Poverty in the U.S.: Do the Math

For the first time in many years, poverty is news again. Newspaper headlines, television report and the blogosphere have reacted to the latest Census Bureau report showing that U.S. poverty increased last year, and that women and children are among the poorest of the poor.

In fact, poverty among women is at the highest level in 17 years. Last year, 14.5 percent of American women were living in poverty, according to an analysis of the report by the National Women’s Law Center. The Center found that more than 17 million women now live in poverty and of those more than 7.5 million are surviving on less than half of the federal poverty level, which is defined as extreme poverty.

Female-headed families with children are doing the worst. In 2010, 40 percent lived in poverty. The rate increased among Hispanic female-headed families to over 50 percent and among black female-headed families it’s now almost that high. More than 20 percent of American children lived in poverty in 2010, and more than half of them were in female-headed families.

This increase in poverty is due to the collapse of the economy. Suggestions about how to revitalize the economy by raising revenue were met with a whining chorus of Republican leaders who demonized any measures to mitigate the damage as “entitlements” that need to be cut, and any resistance to their slash-and-burn economic policies as “class warfare.”
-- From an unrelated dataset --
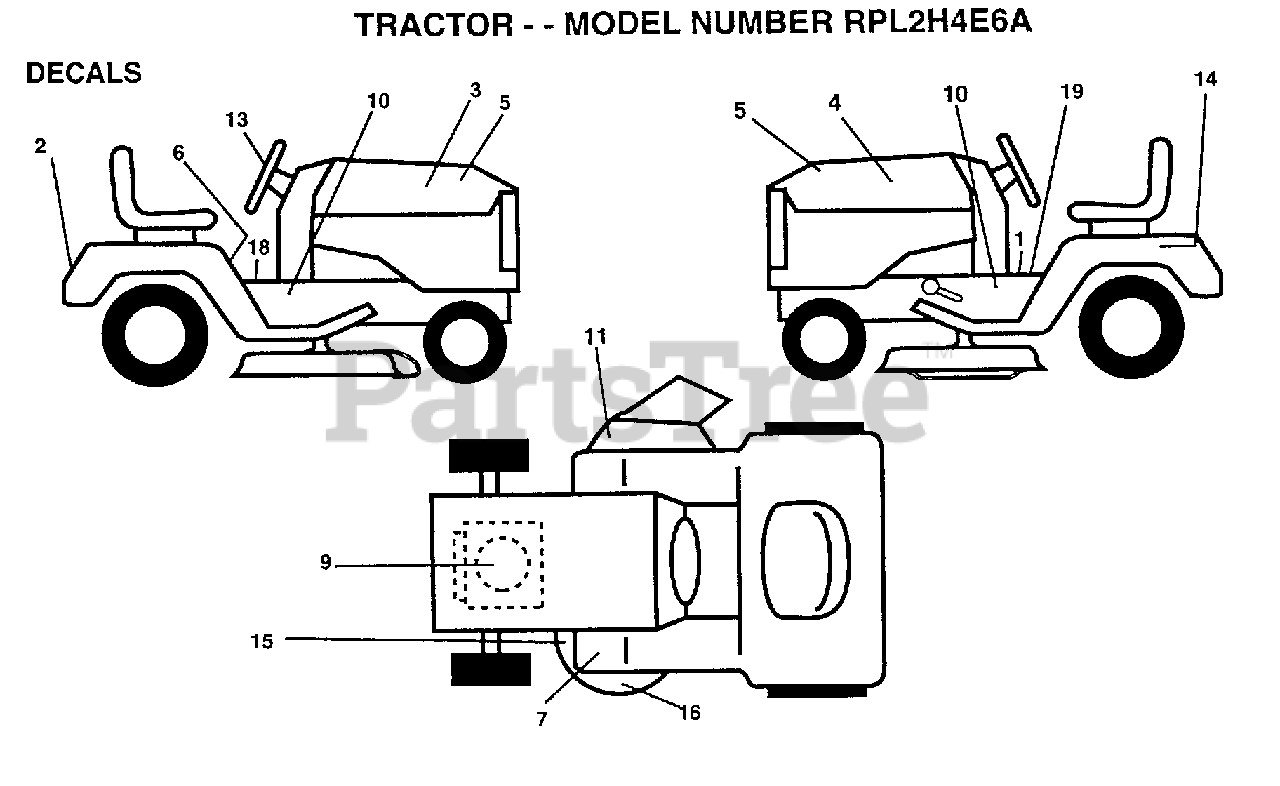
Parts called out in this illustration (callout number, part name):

Their think tanks and pundit apologists entered the fray by releasing and trumpeting reports that describe the luxury that exists in poor households–refrigerators, ovens, stoves, microwaves, even computers! They breathlessly report that poor people have cars and air conditioning, cordless phones and coffeemakers. There is outrage that poor families “are struggling to pay for air conditioning and the cable TV bill as well as to put food on the table.”
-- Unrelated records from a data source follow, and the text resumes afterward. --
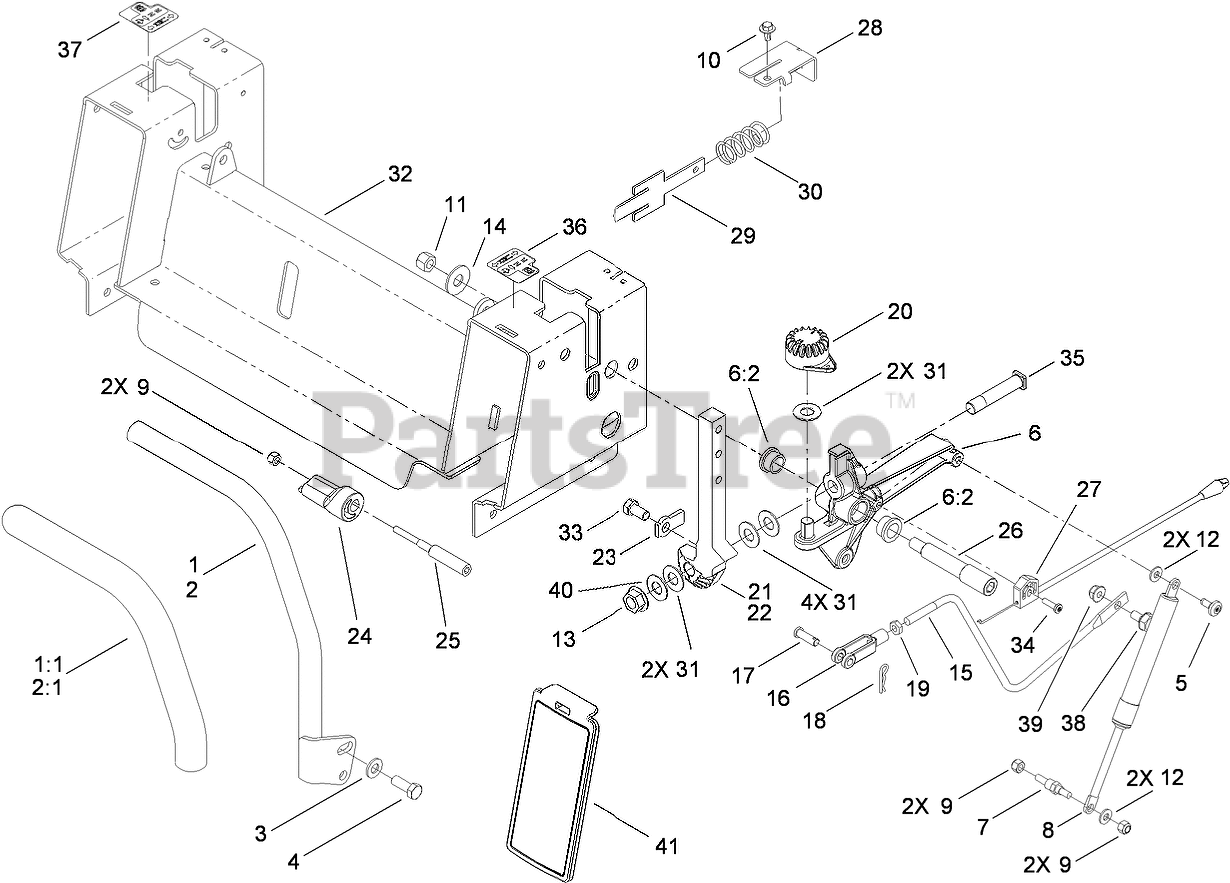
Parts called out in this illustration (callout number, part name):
1	RH CONTROL HANDLE ASM
3	WASHER-FLAT
4	SCREW-HH
5	SCREW-SHOULDER
6	ACTIVATOR ARM ASM
6:2	BUSHING
7	STUD-DAMPER
8	Damper-Control, Motion
9	NUT-LOCK, NI
10	SCREW-HHFTF
11	NUT-LOCK, NI
12	WASHER-FLAT
13	NUT-HF
14	WASHER-FLAT
15	LINK-HYDRO
16	YOKE-ADJUSTABLE
17	PIN-CLEVIS
18	PIN-COTTER
19	NUT-JAM
20	GEAR-CONTROL
21	ARM-ACTUATOR, LH
23	TAB-STOP
24	ECCENTRIC
25	SCREW-ECCENTRIC
26	BOLT-SHOULDER
27	CABLE-BRAKE, PARKING
28	BRACKET-RETURN
29	PLATE-RETURN
30	SPRING-COMPRESSION
31	WASHER-PIVOT
32	SEAT PIVOT/CONTROL ASM
33	SCREW-HH
34	SCREW-TORX
35	BOLT-SHOULDER
36	DECAL-CONTROL LEVER, LH
37	DECAL-CONTROL LEVER, RH
38	BOLT-SHOULDER
39	NUT-HF, NI
40	WASHER-TEFLON
41	COVER-CONTROL

The right-wing Heritage Foundation lambasted “activists and the mainstream media” for painting a false picture of the living conditions of the poor.

The nerve of those poor people to have cable television and air conditioning. The fact that so many of them had those things before they slid into poverty doesn’t seem to matter. This mean-spirited attitude implies that poor people who dare to have any modern conveniences are masking how well-off they really are. This is an attempt to deflect any discussion of the causes of the economic collapse and why there’s a growing chasm between the haves and the have-nots.

The right often trivializes the plight of poor families by hyping the abundance of programs available to them. They point out that the Census Bureau ignores the resources available through the “welfare state” that conservatives are so hell-bent on dismantling.

Since the attack squads of the right are now accusing us progressives, liberals and feminists of engaging in class warfare, maybe it’s time to think about that option. But if we’re to wage war for the hearts and minds of the public, we need to be armed with facts.

I dug into several reports and analyses in order to understand what all the talk about poverty rates, levels and extreme poverty means. Unfortunately, the terminology reflects a complicated world that doesn’t lend itself to bumper stickers and glib posturing. I’m not an expert but I needed to break through the “bureaucratese” to find out what it means in terms I can understand: dollars.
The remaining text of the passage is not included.